- Born: August 8, 1871 Quincy, Illinois, US
- Died: March 24, 1918 (aged 46) Brooklyn Naval Hospital, New York, U.S.
- Allegiance: United States
- Branch: United States Navy
- Rank: Chief Watertender
- Unit: USS Decatur (DD-5)
- Conflicts: World War I
- Awards: Medal of Honor

= Eugene P. Smith =

United States Navy Medal of Honor recipient (1871–1918)

Eugene Patrick Smith (August 8, 1871 – March 24, 1918) was a United States Navy sailor and a recipient of the United States military's highest decoration, the Medal of Honor.

==Biography==
Smith was born in Quincy, Illinois on August 8, 1871. He joined the Navy from California and by September 9, 1915, was serving as a Chief Watertender on the . On that day, the Decatur suffered an explosion of unknown cause and four compartments, including the ship's magazine, were engulfed in flames. Despite heavy fumes of undetermined origin and the risk of further explosions, Smith and other sailors entered the compartments and rescued three gunner's mates. Smith was one of the first to enter the compartment in which the three men were trapped, and he returned "between five and eight times" while trying to locate them through the thick smoke. Finding one man, named Elkins, in the farthest corner of the chamber, Smith was partially overcome by the fumes and forced to retreat. After regaining his breath, he re-entered the compartment and saved Elkins. The commanding officer of the Decatur later stated that, of the crewmen, Smith "did most of all to save his shipmates." For these actions, he was awarded the Medal of Honor five months later, on February 8, 1916.
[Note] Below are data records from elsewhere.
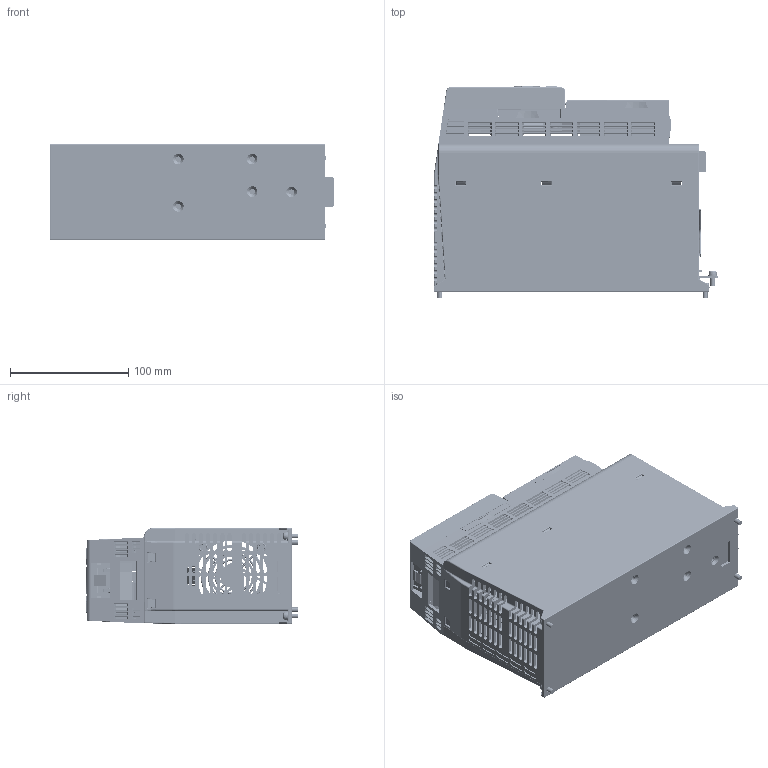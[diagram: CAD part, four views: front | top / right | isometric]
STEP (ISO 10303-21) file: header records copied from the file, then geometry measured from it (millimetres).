
FILE_DESCRIPTION (( 'STEP AP214' ), '1' );
FILE_NAME ('通用型5.5kw总装配体20221207.STEP', '2022-12-07T08:12:19', ( '微软用户' ), ( '微软中国' ), 'SwSTEP 2.0', 'SolidWorks 2018', '' );
FILE_SCHEMA (( 'AUTOMOTIVE_DESIGN' ));
Length unit declared in the file: millimetre
Products named in the file (47): 奻褲极20200424; 60x60x25的散热风扇组件20200424; 偌瑩瑩攫郪璃-led-2-20190506; 諷秶啣郪璃4-20190309-201903192019032820191126; M3X3mm腔肣蹟譫-耀撿-20190313-201903192019032820191126; 60x60x25的散热风扇钢丝网20200424; 俋褲1-led-2-20190506; 傷赽啣蚾饜极-2019110920200424; 偌瑩諷秶啣20191126; EMC 5-01-7.62-01傷赽20200424; 寡蝶-20200107; 菁啣-20190311-201903192019032820191126; 5.5kw-傷赽啣20200424; LED囀褲俋諶-20190506; 寡蝶-20190309-201903192019032820191126; 諷秶耀輸-2019102420200424; LED偌瑩諷秶啣-LCD-2-20190506; 阨儒芛-耀撿-20190313-201903192019032820191126; 模具最新更改-卢工-201803182019032820191126; 泂え厙諳-20190506; JIANPANZUOGAI_4-2018031820190328-00220191126; M3X3mm腔肣蹟譫-耀撿-led-2-20190506; 囀褲1-201903192019032820191126_湮そ; 菁啣-led-2-20190506; 俋褲1-201903192019032820191126; PLTBH1.5-3.5-4PIN20191126; 阨儒芛-耀撿-led-2-20190506; JIANPANZUOGAI_4-201803182019032820191126; 樟萇ん20191126; 眄И沺啣; 菁釱201950620191126; 諉華鍼踢璃; ANNIUZUOKE_26-201803182019032820191126; 菁啣-201903222019032820191126; m4x6籵謂揤穩蹟譫翐-0309; 偌瑩瑩攫郪璃-201903192019032820191126; 諉華啣; 籵蚚倰5.5kw軞蚾饜极20221207; LED偌瑩諷秶啣20191126; 葡臏郈啣M4XH12肣蹟翐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
Assembly tree (84 placements, depth 5):
  籵蚚倰5.5kw軞蚾饜极20221207
    諷秶耀輸-2019102420200424
      模具最新更改-卢工-201803182019032820191126
        ANNIUZUOKE_26-201803182019032820191126
        JIANPANZUOGAI_4-201803182019032820191126
        偌瑩瑩攫郪璃-201903192019032820191126
          俋褲1-201903192019032820191126
          囀褲1-201903192019032820191126_湮そ
          阨儒芛-耀撿-20190313-201903192019032820191126
          寡蝶-20190309-201903192019032820191126
          菁啣-20190311-201903192019032820191126
          偌瑩諷秶啣20191126
          M3X3mm腔肣蹟譫-耀撿-20190313-201903192019032820191126  x2
          諷秶啣郪璃4-20190309-201903192019032820191126
          pan head cross recess screw_iso_ISO 7045 - M2 x 8 - Z - 8N  x4
          黃蕾そ-20190411920191126
          Óî³¿ LCDÆÁ20191126
          LED偌瑩諷秶啣20191126
        菁啣-201903222019032820191126
        菁釱201950620191126
        樟萇ん20191126  x2
        PLTBH1.5-3.5-4PIN20191126  x2
        JIANPANZUOGAI_4-2018031820190328-00220191126
    傷赽啣蚾饜极-2019110920200424  x2
      5.5kw-傷赽啣20200424
      EMC 5-01-7.62-01傷赽20200424
    60x60x25的散热风扇组件20200424
      60x60x25的散热风扇钢丝网20200424
    奻褲极20200424
    狟褲极20200424
    瑞圮欶20200424
    M4X12的带弹垫盘头螺钉20200424  x6
    葡臏郈啣M4XH12肣蹟翐  x3
    諉華鍼踢璃
      諉華啣
      m4x6籵謂揤穩蹟譫翐-0309
    眄И沺啣
    偌瑩瑩攫郪璃-led-2-20190506
      阨儒芛-耀撿-led-2-20190506
      菁啣-led-2-20190506
      M3X3mm腔肣蹟譫-耀撿-led-2-20190506  x2
      泂え厙諳-20190506
      pan head cross recess screw_iso_ISO 7045 - M2 x 8 - Z - 8N  x4
      LED偌瑩諷秶啣-LCD-2-20190506
      LED囀褲俋諶-20190506
      寡蝶-20200107
    偌瑩瑩攫郪璃-led-2-20190506
      俋褲1-led-2-20190506
      阨儒芛-耀撿-led-2-20190506
      菁啣-led-2-20190506
      M3X3mm腔肣蹟譫-耀撿-led-2-20190506  x2
      泂え厙諳-20190506
      pan head cross recess screw_iso_ISO 7045 - M2 x 8 - Z - 8N  x4
      LED偌瑩諷秶啣-LCD-2-20190506
      LED囀褲俋諶-20190506
Bounding box: 240.33 x 178.9 x 81 mm (x, y, z)
Volume: 688796.6 mm3; surface area: 733190.2 mm2
Topology: 91 solids, 180 shells, 10117 faces, 27796 edges, 18505 vertices
Faces by surface type: plane 6518, cylinder 2320, bspline 715, torus 251, cone 191, sphere 122
Entity records: 506059 total; most frequent: CARTESIAN_POINT 305272, ORIENTED_EDGE 42954, DIRECTION 36445, EDGE_CURVE 21661, VECTOR 15365, LINE 15365, VERTEX_POINT 14576, AXIS2_PLACEMENT_3D 10540
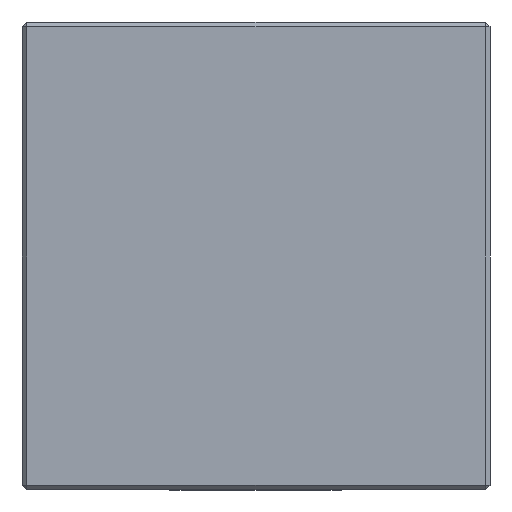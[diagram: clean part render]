
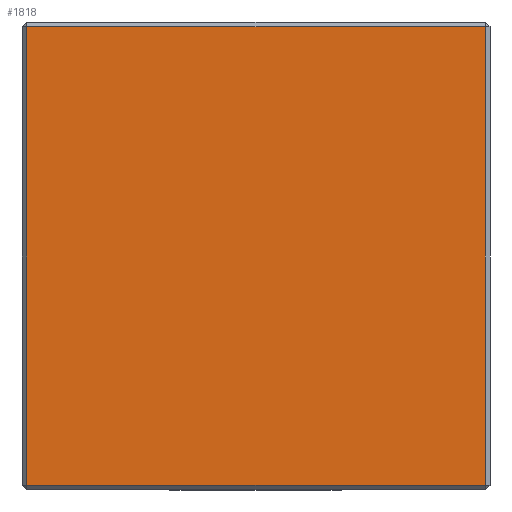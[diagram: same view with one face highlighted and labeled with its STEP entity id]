
A CAD part, left-side view. The second image highlights one B-rep face of the part: STEP entity #1818.
In plain terms, the highlighted planar face has unit normal (-1, 0, 0).
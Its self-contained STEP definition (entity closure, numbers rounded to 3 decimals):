
#15 = LINE ( 'NONE', #358, #315 ) ;
#22 = CARTESIAN_POINT ( 'NONE',  ( -7.5, 14.7, -15. ) ) ;
#132 = VERTEX_POINT ( 'NONE', #2102 ) ;
#186 = LINE ( 'NONE', #22, #1886 ) ;
#248 = CARTESIAN_POINT ( 'NONE',  ( -7.5, 14.7, 14.7 ) ) ;
#315 = VECTOR ( 'NONE', #849, 1000. ) ;
#358 = CARTESIAN_POINT ( 'NONE',  ( -7.5, -14.7, 0. ) ) ;
#359 = VERTEX_POINT ( 'NONE', #248 ) ;
#370 = VERTEX_POINT ( 'NONE', #1705 ) ;
#387 = LINE ( 'NONE', #2072, #425 ) ;
#425 = VECTOR ( 'NONE', #562, 1000. ) ;
#428 = ORIENTED_EDGE ( 'NONE', *, *, #2008, .T. ) ;
#562 = DIRECTION ( 'NONE',  ( 0., -1., 0. ) ) ;
#601 = FACE_OUTER_BOUND ( 'NONE', #1074, .T. ) ;
#638 = DIRECTION ( 'NONE',  ( 1., 0., 0. ) ) ;
#682 = EDGE_CURVE ( 'NONE', #370, #1402, #387, .T. ) ;
#721 = DIRECTION ( 'NONE',  ( 0., 0., -1. ) ) ;
#779 = ORIENTED_EDGE ( 'NONE', *, *, #682, .T. ) ;
#849 = DIRECTION ( 'NONE',  ( 0., 0., 1. ) ) ;
#998 = DIRECTION ( 'NONE',  ( 0., 0., -1. ) ) ;
#1074 = EDGE_LOOP ( 'NONE', ( #1666, #428, #1876, #779 ) ) ;
#1240 = VECTOR ( 'NONE', #1345, 1000. ) ;
#1270 = PLANE ( 'NONE',  #1439 ) ;
#1345 = DIRECTION ( 'NONE',  ( 0., 1., 0. ) ) ;
#1399 = CARTESIAN_POINT ( 'NONE',  ( -7.5, 0., 14.7 ) ) ;
#1402 = VERTEX_POINT ( 'NONE', #1836 ) ;
#1439 = AXIS2_PLACEMENT_3D ( 'NONE', #1798, #638, #998 ) ;
#1562 = EDGE_CURVE ( 'NONE', #359, #370, #186, .T. ) ;
#1666 = ORIENTED_EDGE ( 'NONE', *, *, #1819, .T. ) ;
#1705 = CARTESIAN_POINT ( 'NONE',  ( -7.5, 14.7, -14.7 ) ) ;
#1709 = LINE ( 'NONE', #1399, #1240 ) ;
#1798 = CARTESIAN_POINT ( 'NONE',  ( -7.5, 0., 0. ) ) ;
#1818 = ADVANCED_FACE ( 'NONE', ( #601 ), #1270, .F. ) ;
#1819 = EDGE_CURVE ( 'NONE', #1402, #132, #15, .T. ) ;
#1836 = CARTESIAN_POINT ( 'NONE',  ( -7.5, -14.7, -14.7 ) ) ;
#1876 = ORIENTED_EDGE ( 'NONE', *, *, #1562, .T. ) ;
#1886 = VECTOR ( 'NONE', #721, 1000. ) ;
#2008 = EDGE_CURVE ( 'NONE', #132, #359, #1709, .T. ) ;
#2072 = CARTESIAN_POINT ( 'NONE',  ( -7.5, -15., -14.7 ) ) ;
#2102 = CARTESIAN_POINT ( 'NONE',  ( -7.5, -14.7, 14.7 ) ) ;
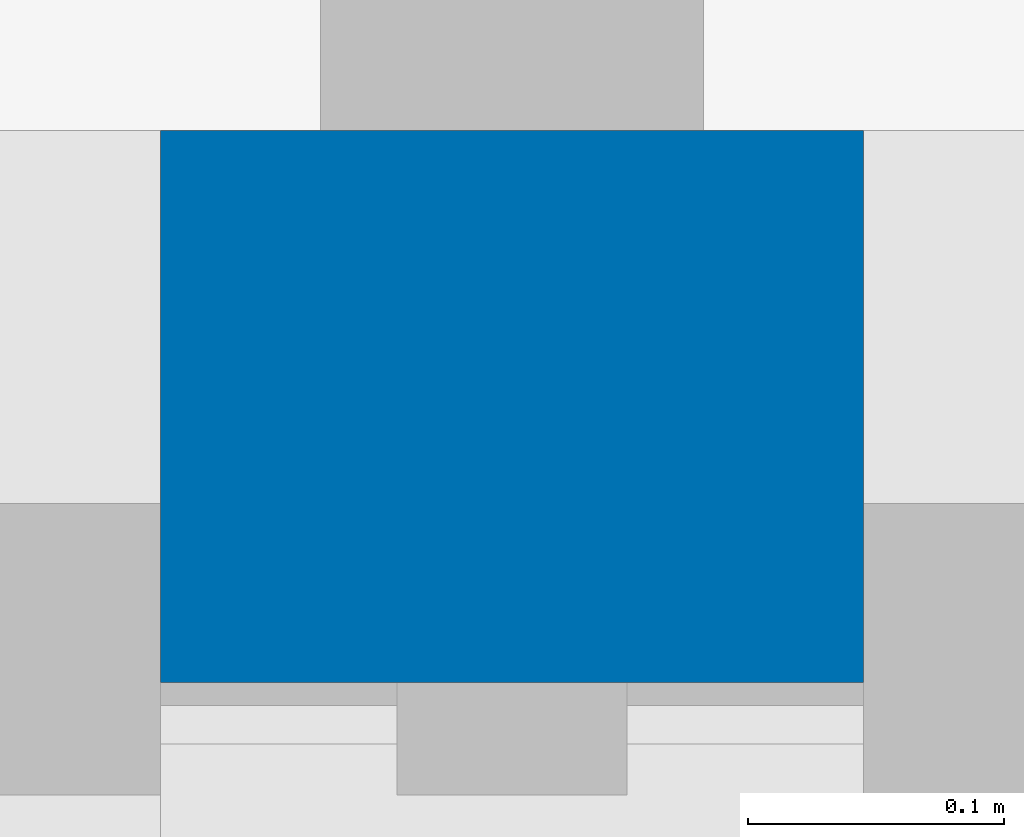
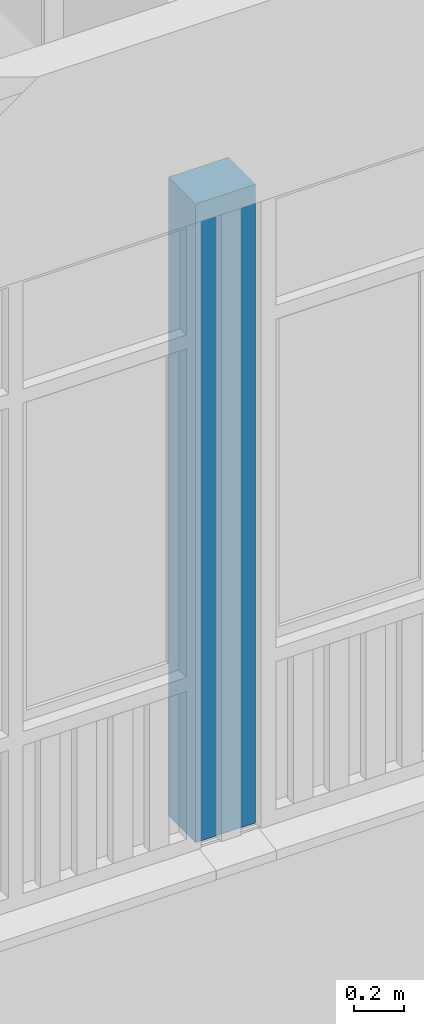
# One storey, part 91 of 135: 1 wall.
"""IFC2X3 building model written with IfcOpenShell, lengths in millimetres."""

from ifc_helpers import new_model, entity, si_unit, converted_unit, derived_unit, money_unit, direction, frame, origin_with_axes, place, context, subcontext, project, spatial, faceted_brep, material, type_object, element, save


model = new_model("IFC2X3")

# Units and contexts
model_context = context("Model", 3, precision=0.01, world=origin_with_axes(), true_north=direction((0.0, 1.0)))
body_context = subcontext(model_context, "Body", "Model", "MODEL_VIEW")
ifc_project = project(units=[si_unit("LENGTHUNIT", "METRE", prefix="MILLI"), si_unit("AREAUNIT", "SQUARE_METRE"), si_unit("VOLUMEUNIT", "CUBIC_METRE"), converted_unit("PLANEANGLEUNIT", "DEGREE", entity("IfcPlaneAngleMeasure", 0.0174532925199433), si_unit("PLANEANGLEUNIT", "RADIAN"), dimensions=[0, 0, 0, 0, 0, 0, 0]), money_unit("EUR"), converted_unit("TIMEUNIT", "Year", entity("IfcTimeMeasure", 31557600.0), si_unit("TIMEUNIT", "SECOND"), dimensions=[0, 0, 1, 0, 0, 0, 0]), si_unit("MASSUNIT", "GRAM", prefix="KILO"), si_unit("THERMODYNAMICTEMPERATUREUNIT", "DEGREE_CELSIUS"), si_unit("LUMINOUSINTENSITYUNIT", "LUMEN"), si_unit("ENERGYUNIT", "JOULE", prefix="MEGA"), derived_unit("THERMALCONDUCTANCEUNIT", [(si_unit("POWERUNIT", "WATT"), 1), (si_unit("LENGTHUNIT", "METRE"), -1), (si_unit("THERMODYNAMICTEMPERATUREUNIT", "KELVIN"), -1)]), derived_unit("SPECIFICHEATCAPACITYUNIT", [(si_unit("ENERGYUNIT", "JOULE"), 1), (si_unit("MASSUNIT", "GRAM", prefix="KILO"), -1), (si_unit("THERMODYNAMICTEMPERATUREUNIT", "KELVIN"), -1)]), derived_unit("MASSDENSITYUNIT", [(si_unit("MASSUNIT", "GRAM", prefix="KILO"), 1), (si_unit("VOLUMEUNIT", "CUBIC_METRE"), -1)])], contexts=[model_context])

# Site, building, storey
site_placement = place(None, origin_with_axes())
site = spatial("IfcSite", under=ifc_project, at=site_placement, Name="Site", CompositionType="ELEMENT")
building_placement = place(site_placement, origin_with_axes())
building = spatial("IfcBuilding", under=site, at=building_placement, Name="Naam gebouw", CompositionType="ELEMENT")
storey_placement = place(building_placement, origin_with_axes())
storey = spatial("IfcBuildingStorey", under=building, at=storey_placement, Name="Begane grond N", CompositionType="ELEMENT", Elevation=0.0)

# Wall
ifc_material = material(Name="ALG - GEVEL")
wall_type = type_object("IfcWallType", Name="ALG - GEVEL 260", PredefinedType="NOTDEFINED")
wall_placement = place(storey_placement, frame((43337.49999999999, 10730.91242510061, 0.0), z_axis=(0.0, 0.0, 1.0), x_axis=(-1.0, 0.0, 0.0)))
element("IfcWall", 1, at=wall_placement, inside=storey, type_object=wall_type, material=ifc_material, Name="_Wand-x", context=body_context, shape_type="Brep", body=[
    faceted_brep([(274.9999999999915, -44.00000000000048, 3090.000000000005), (0.0, -44.00000000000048, 3090.000000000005), (0.0, -259.9999999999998, 3090.0), (275.0000000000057, -259.9999999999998, 3090.0), (274.9999999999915, -44.00000000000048, 0.0), (0.0, -44.00000000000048, 0.0), (0.0, -259.9999999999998, 0.0), (275.0000000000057, -259.9999999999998, 0.0)], [[[0, 1, 2, 3]], [[0, 4, 5, 1]], [[2, 1, 5, 6]], [[2, 6, 7, 3]], [[7, 4, 0, 3]], [[5, 4, 7, 6]]]),
])

save(model, "model.ifc")

Smith reenlisted in the navy at San Francisco on February 15, 1916 and continued to serve during World War I. He died at the Brooklyn Naval Hospital on March 24, 1918 from lobar pneumonia, possibly related to the Spanish flu epidemic. Smith was interred at Cypress Hills National Cemetery.

==Medal of Honor citation==
Smith's official Medal of Honor citation reads:
Attached to U.S.S. Decatur; for several times entering compartments on board of Decatur immediately following an explosion on board that vessel, 9 September 1915, and locating and rescuing injured shipmates.